Extracted records:
BEGIN
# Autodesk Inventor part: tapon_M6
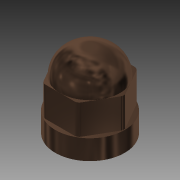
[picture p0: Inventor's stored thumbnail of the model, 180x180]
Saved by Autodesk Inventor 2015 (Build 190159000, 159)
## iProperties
Created: 2016-06
Part Number: tapon_M6
Material: Genérico
Document SubType Name: Modeling
Designer: Diego
Density: 1 g/cm^3
Appearance: Valor por defecto
Author: Diego
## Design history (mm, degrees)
sketch "Boceto1"
  geometry: C1 r 3.5 at (0, 0); 1 further point
  constraints: 1 centre point, 1 coincident
  dimensions: "d0" = 7 diameter of C1
extrude "Extrusión1" new body sketch "Boceto1" distance "d1" = 2; taper "d2" = 0 deg
sketch "Boceto2"
  geometry: L1 (-3.5, 0)-(-1.75, 3.031); L2 (-1.75, 3.031)-(1.75, 3.031); L3 (1.75, 3.031)-(3.5, 0); L4 (3.5, 0)-(1.75, -3.031); L5 (1.75, -3.031)-(-1.75, -3.031); L6 (-1.75, -3.031)-(-3.5, 0); A1 r 3.5 centre (0, 0) between (-3.5, 0) and (-1.75, 3.031) reference; 1 further point
  constraints: 12 end point, 6 point on circle
  dimensions: "d3" = 3.5 distance of L1.start L1.end; "d4" = 3.5 distance of L1.end L2.end; "d5" = 3.5 distance of L2.end L3.end; "d6" = 3.5 distance of L3.end L4.end; "d7" = 3.5 distance of L4.end L5.end
extrude "Extrusión2" join sketch "Boceto2" distance "d8" = 3; taper "d9" = 0 deg
sketch "Boceto3"
  geometry: C1 r 3.031 at (0, 0); 1 further point
  constraints: 1 centre point, 1 coincident
extrude "Extrusión3" join sketch "Boceto3" distance "d10" = 2.5; taper "d11" = 0 deg
fillet "Empalme1" dims "d12" = 2.5
fillet "Empalme2" dims "d13" = 0.5
node "Sólido1"
END
• About this task:
In repeating the entries, exclude the pictures and alter nothing else.

• Reply:
# Autodesk Inventor part: tapon_M6
[picture p0: Inventor's stored thumbnail of the model, 180x180]
Saved by Autodesk Inventor 2015 (Build 190159000, 159)
## iProperties
Created: 2016-06
Part Number: tapon_M6
Material: Genérico
Document SubType Name: Modeling
Designer: Diego
Density: 1 g/cm^3
Appearance: Valor por defecto
Author: Diego
## Design history (mm, degrees)
sketch "Boceto1"
  geometry: C1 r 3.5 at (0, 0); 1 further point
  constraints: 1 centre point, 1 coincident
  dimensions: "d0" = 7 diameter of C1
extrude "Extrusión1" new body sketch "Boceto1" distance "d1" = 2; taper "d2" = 0 deg
sketch "Boceto2"
  geometry: L1 (-3.5, 0)-(-1.75, 3.031); L2 (-1.75, 3.031)-(1.75, 3.031); L3 (1.75, 3.031)-(3.5, 0); L4 (3.5, 0)-(1.75, -3.031); L5 (1.75, -3.031)-(-1.75, -3.031); L6 (-1.75, -3.031)-(-3.5, 0); A1 r 3.5 centre (0, 0) between (-3.5, 0) and (-1.75, 3.031) reference; 1 further point
  constraints: 12 end point, 6 point on circle
  dimensions: "d3" = 3.5 distance of L1.start L1.end; "d4" = 3.5 distance of L1.end L2.end; "d5" = 3.5 distance of L2.end L3.end; "d6" = 3.5 distance of L3.end L4.end; "d7" = 3.5 distance of L4.end L5.end
extrude "Extrusión2" join sketch "Boceto2" distance "d8" = 3; taper "d9" = 0 deg
sketch "Boceto3"
  geometry: C1 r 3.031 at (0, 0); 1 further point
  constraints: 1 centre point, 1 coincident
extrude "Extrusión3" join sketch "Boceto3" distance "d10" = 2.5; taper "d11" = 0 deg
fillet "Empalme1" dims "d12" = 2.5
fillet "Empalme2" dims "d13" = 0.5
node "Sólido1"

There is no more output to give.